Adjusting Your Business Income Insurance Coverage
Does your business currently carry business income insurance coverage? If so, assessing whether your policy continues to be right-sized for your business’s current financial position and revenues should be a vital aspect of any insurance review. If you don’t carry this type of coverage, this is an excellent time to think about whether adding it to your business’s defensive arsenal makes sense at your stage of growth.
What is Business Income Coverage?
Business income insurance coverage helps replace lost income when a business is forced to temporarily close or is inoperable due to a covered property loss (fire, wind, theft). Business income coverage can help cover costs until your business is up and running again, covering expenses such as payroll and monthly bills while your property is repaired or replaced. Learn more about business income insurance.
The job of loss of business income coverage is to keep your business’s financial operations in sound shape, should you encounter a covered loss. For example, if your business – or a key supplier – is severely disabled by a storm and you need to close your doors for two weeks, your revenues may well suffer a shut down too. How will you meet your ongoing financial obligations like rent, payroll, utilities, and suppliers’ contracts (etc.)?
Chances are if your revenues are rising, so are your ongoing financial obligations. If you’re in a business upswing, you’d be well advised to reevaluate the terms of your business income policy—or secure one. During the recession, many business owners saw revenues shrink and adjusted their coverage accordingly. However, if the revenue pendulum is swinging back in your favor, it may be time for another policy tune-up.
Alternatively, if your revenues have dropped, along with your costs of doing business, you should evaluate your current business income policy in the light of these lowered risks.
Business income insurance coverage helps replace lost income when a business is forced to close temporarily and can be added to a Business Owner’s Policy from The Hartford. Business income coverage is designed to cover a variety of risks.
Business Income Coverage
Business income coverage extension for essential personnel.
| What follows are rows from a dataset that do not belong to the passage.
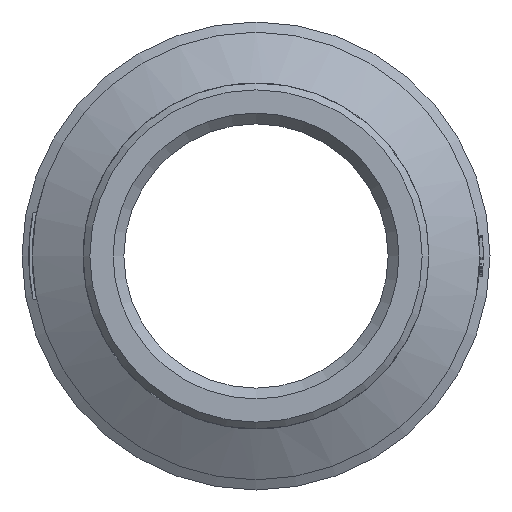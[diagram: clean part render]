
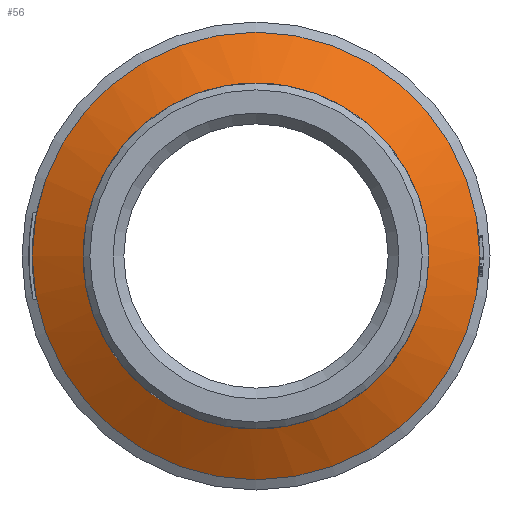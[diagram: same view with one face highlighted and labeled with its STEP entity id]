
A CAD part, front view. The second image highlights one B-rep face of the part: STEP entity #56.
In plain terms, the highlighted conical face has half-angle 60 degrees and reference radius 28.5 mm.
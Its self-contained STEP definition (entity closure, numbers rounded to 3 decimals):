
#56=ADVANCED_FACE('',(#347,#349),#351,.T.);
#347=FACE_BOUND('',#348,.T.);
#348=EDGE_LOOP('',(#1625,#1626,#1627,#1628,#1629,#1630,#1631,#1632,#1633));
#349=FACE_OUTER_BOUND('',#350,.T.);
#350=EDGE_LOOP('',(#1634));
#351=CONICAL_SURFACE('',#352,28.5,1.047);
#352=AXIS2_PLACEMENT_3D('',#353,#354,#355);
#353=CARTESIAN_POINT('',(0.,-24.702,0.));
#354=DIRECTION('',(0.,1.,0.));
#355=DIRECTION('',(1.,0.,0.));
#1625=ORIENTED_EDGE('',*,*,#2993,.F.);
#1626=ORIENTED_EDGE('',*,*,#2994,.F.);
#1627=ORIENTED_EDGE('',*,*,#2984,.F.);
#1628=ORIENTED_EDGE('',*,*,#2995,.F.);
#1629=ORIENTED_EDGE('',*,*,#2996,.F.);
#1630=ORIENTED_EDGE('',*,*,#2997,.F.);
#1631=ORIENTED_EDGE('',*,*,#2998,.F.);
#1632=ORIENTED_EDGE('',*,*,#2980,.F.);
#1633=ORIENTED_EDGE('',*,*,#2991,.F.);
#1634=ORIENTED_EDGE('',*,*,#2999,.F.);
#2980=EDGE_CURVE('',#3530,#3532,#3533,.T.);
#2984=EDGE_CURVE('',#3538,#3540,#3541,.T.);
#2991=EDGE_CURVE('',#3552,#3530,#3553,.T.);
#2993=EDGE_CURVE('',#3555,#3552,#3556,.F.);
#2994=EDGE_CURVE('',#3540,#3555,#3557,.F.);
#2995=EDGE_CURVE('',#3558,#3538,#3559,.T.);
#2996=EDGE_CURVE('',#3560,#3558,#3561,.F.);
#2997=EDGE_CURVE('',#3562,#3560,#3563,.F.);
#2998=EDGE_CURVE('',#3532,#3562,#3564,.F.);
#2999=EDGE_CURVE('',#3565,#3565,#3566,.F.);
#3530=VERTEX_POINT('',#4470);
#3532=VERTEX_POINT('',#4474);
#3533=CIRCLE('',#4475,25.5);
#3538=VERTEX_POINT('',#4488);
#3540=VERTEX_POINT('',#4492);
#3541=CIRCLE('',#4493,25.5);
#3552=VERTEX_POINT('',#4528);
#3553=B_SPLINE_CURVE_WITH_KNOTS('',3,
(#4529,#4530,#4531,#4532,#4533,#4534,#4535),
.UNSPECIFIED.,.F.,.F.,
(4,1,1,1,4),
(0.,0.243,0.491,0.743,1.),
.UNSPECIFIED.);
#3555=VERTEX_POINT('',#4539);
#3556=CIRCLE('',#4540,24.);
#3557=B_SPLINE_CURVE_WITH_KNOTS('',3,
(#4544,#4545,#4546,#4547,#4548,#4549,#4550),
.UNSPECIFIED.,.F.,.F.,
(4,1,1,1,4),
(0.,0.243,0.491,0.743,1.),
.UNSPECIFIED.);
#3558=VERTEX_POINT('',#4551);
#3559=B_SPLINE_CURVE_WITH_KNOTS('',3,
(#4552,#4553,#4554,#4555,#4556,#4557,#4558),
.UNSPECIFIED.,.F.,.F.,
(4,1,1,1,4),
(0.,0.243,0.491,0.743,1.),
.UNSPECIFIED.);
#3560=VERTEX_POINT('',#4559);
#3561=CIRCLE('',#4560,24.);
#3562=VERTEX_POINT('',#4564);
#3563=CIRCLE('',#4565,24.);
#3564=B_SPLINE_CURVE_WITH_KNOTS('',3,
(#4569,#4570,#4571,#4572,#4573,#4574,#4575),
.UNSPECIFIED.,.F.,.F.,
(4,1,1,1,4),
(0.,0.243,0.491,0.743,1.),
.UNSPECIFIED.);
#3565=VERTEX_POINT('',#4576);
#3566=CIRCLE('',#4577,33.);
#4470=CARTESIAN_POINT('',(3.,-26.434,25.323));
#4474=CARTESIAN_POINT('',(-3.,-26.434,25.323));
#4475=AXIS2_PLACEMENT_3D('',#4476,#4477,#4478);
#4476=CARTESIAN_POINT('',(0.,-26.434,0.));
#4477=DIRECTION('',(0.,-1.,0.));
#4478=DIRECTION('',(0.118,0.,0.993));
#4488=CARTESIAN_POINT('',(-3.,-26.434,-25.323));
#4492=CARTESIAN_POINT('',(3.,-26.434,-25.323));
#4493=AXIS2_PLACEMENT_3D('',#4494,#4495,#4496);
#4494=CARTESIAN_POINT('',(0.,-26.434,0.));
#4495=DIRECTION('',(0.,-1.,0.));
#4496=DIRECTION('',(-0.118,0.,-0.993));
#4528=CARTESIAN_POINT('',(3.42,-27.3,23.755));
#4529=CARTESIAN_POINT('',(3.42,-27.3,23.755));
#4530=CARTESIAN_POINT('',(3.386,-27.23,23.882));
#4531=CARTESIAN_POINT('',(3.317,-27.089,24.139));
#4532=CARTESIAN_POINT('',(3.213,-26.875,24.527));
#4533=CARTESIAN_POINT('',(3.107,-26.656,24.923));
#4534=CARTESIAN_POINT('',(3.036,-26.508,25.189));
#4535=CARTESIAN_POINT('',(3.,-26.434,25.323));
#4539=CARTESIAN_POINT('',(3.42,-27.3,-23.755));
#4540=AXIS2_PLACEMENT_3D('',#4541,#4542,#4543);
#4541=CARTESIAN_POINT('',(0.,-27.3,0.));
#4542=DIRECTION('',(0.,1.,0.));
#4543=DIRECTION('',(0.143,0.,0.99));
#4544=CARTESIAN_POINT('',(3.42,-27.3,-23.755));
#4545=CARTESIAN_POINT('',(3.386,-27.23,-23.882));
#4546=CARTESIAN_POINT('',(3.317,-27.089,-24.139));
#4547=CARTESIAN_POINT('',(3.213,-26.875,-24.527));
#4548=CARTESIAN_POINT('',(3.107,-26.656,-24.923));
#4549=CARTESIAN_POINT('',(3.036,-26.508,-25.189));
#4550=CARTESIAN_POINT('',(3.,-26.434,-25.323));
#4551=CARTESIAN_POINT('',(-3.42,-27.3,-23.755));
#4552=CARTESIAN_POINT('',(-3.42,-27.3,-23.755));
#4553=CARTESIAN_POINT('',(-3.386,-27.23,-23.882));
#4554=CARTESIAN_POINT('',(-3.317,-27.089,-24.139));
#4555=CARTESIAN_POINT('',(-3.213,-26.875,-24.527));
#4556=CARTESIAN_POINT('',(-3.107,-26.656,-24.923));
#4557=CARTESIAN_POINT('',(-3.036,-26.508,-25.189));
#4558=CARTESIAN_POINT('',(-3.,-26.434,-25.323));
#4559=CARTESIAN_POINT('',(-24.,-27.3,0.));
#4560=AXIS2_PLACEMENT_3D('',#4561,#4562,#4563);
#4561=CARTESIAN_POINT('',(0.,-27.3,0.));
#4562=DIRECTION('',(0.,1.,0.));
#4563=DIRECTION('',(-0.143,0.,-0.99));
#4564=CARTESIAN_POINT('',(-3.42,-27.3,23.755));
#4565=AXIS2_PLACEMENT_3D('',#4566,#4567,#4568);
#4566=CARTESIAN_POINT('',(0.,-27.3,0.));
#4567=DIRECTION('',(0.,1.,0.));
#4568=DIRECTION('',(-1.,0.,0.));
#4569=CARTESIAN_POINT('',(-3.42,-27.3,23.755));
#4570=CARTESIAN_POINT('',(-3.386,-27.23,23.882));
#4571=CARTESIAN_POINT('',(-3.317,-27.089,24.139));
#4572=CARTESIAN_POINT('',(-3.213,-26.875,24.527));
#4573=CARTESIAN_POINT('',(-3.107,-26.656,24.923));
#4574=CARTESIAN_POINT('',(-3.036,-26.508,25.189));
#4575=CARTESIAN_POINT('',(-3.,-26.434,25.323));
#4576=CARTESIAN_POINT('',(-33.,-22.104,0.));
#4577=AXIS2_PLACEMENT_3D('',#4578,#4579,#4580);
#4578=CARTESIAN_POINT('',(0.,-22.104,0.));
#4579=DIRECTION('',(0.,-1.,0.));
#4580=DIRECTION('',(-1.,0.,0.));

It can be hard for businesses to continue to operate when imperative employees are unexpectedly absent. If this happens, business income protection can help cover the cost of lost earnings, and you can continue to run your business.
Business income coverage for dependent properties. Many businesses depend on third parties for operation. This includes shippers delivering products you need, a manufacturer who builds your product or an anchor store where customers come in physically to interact with your employees. Business income from dependent properties can help cover lost business due to a third party’s inability to provide services or products you need to operate your business.
Extended business income. If your business is forced to close temporarily, it can be challenging to get back to your level of business before the devastating event. Extended business income coverage can help replace the lost income while you get your business back on its feet.
Business income coverage for cloud service interruption. Many businesses today depend on cloud storage to maintain and transfer data internally, as well as to vendors and clients. This additional coverage can help cover income lost due to an unplanned outage of your company’s cloud service.
Business income coverage extension for off-premises operation. The risk of damage to your business’s tools and equipment may increase when you are working remotely. In the event work must stop due to damaged equipment, this coverage can help cover the lost income as well as costs for renting equipment to replace the damaged equipment.
Business income coverage extension for off-premises utility services. If your business relies on off-premises utilities, including water, power, or communications, and those services are disrupted, this coverage can help cover the cost of lost income and additional expenses resulting from the interrupted services.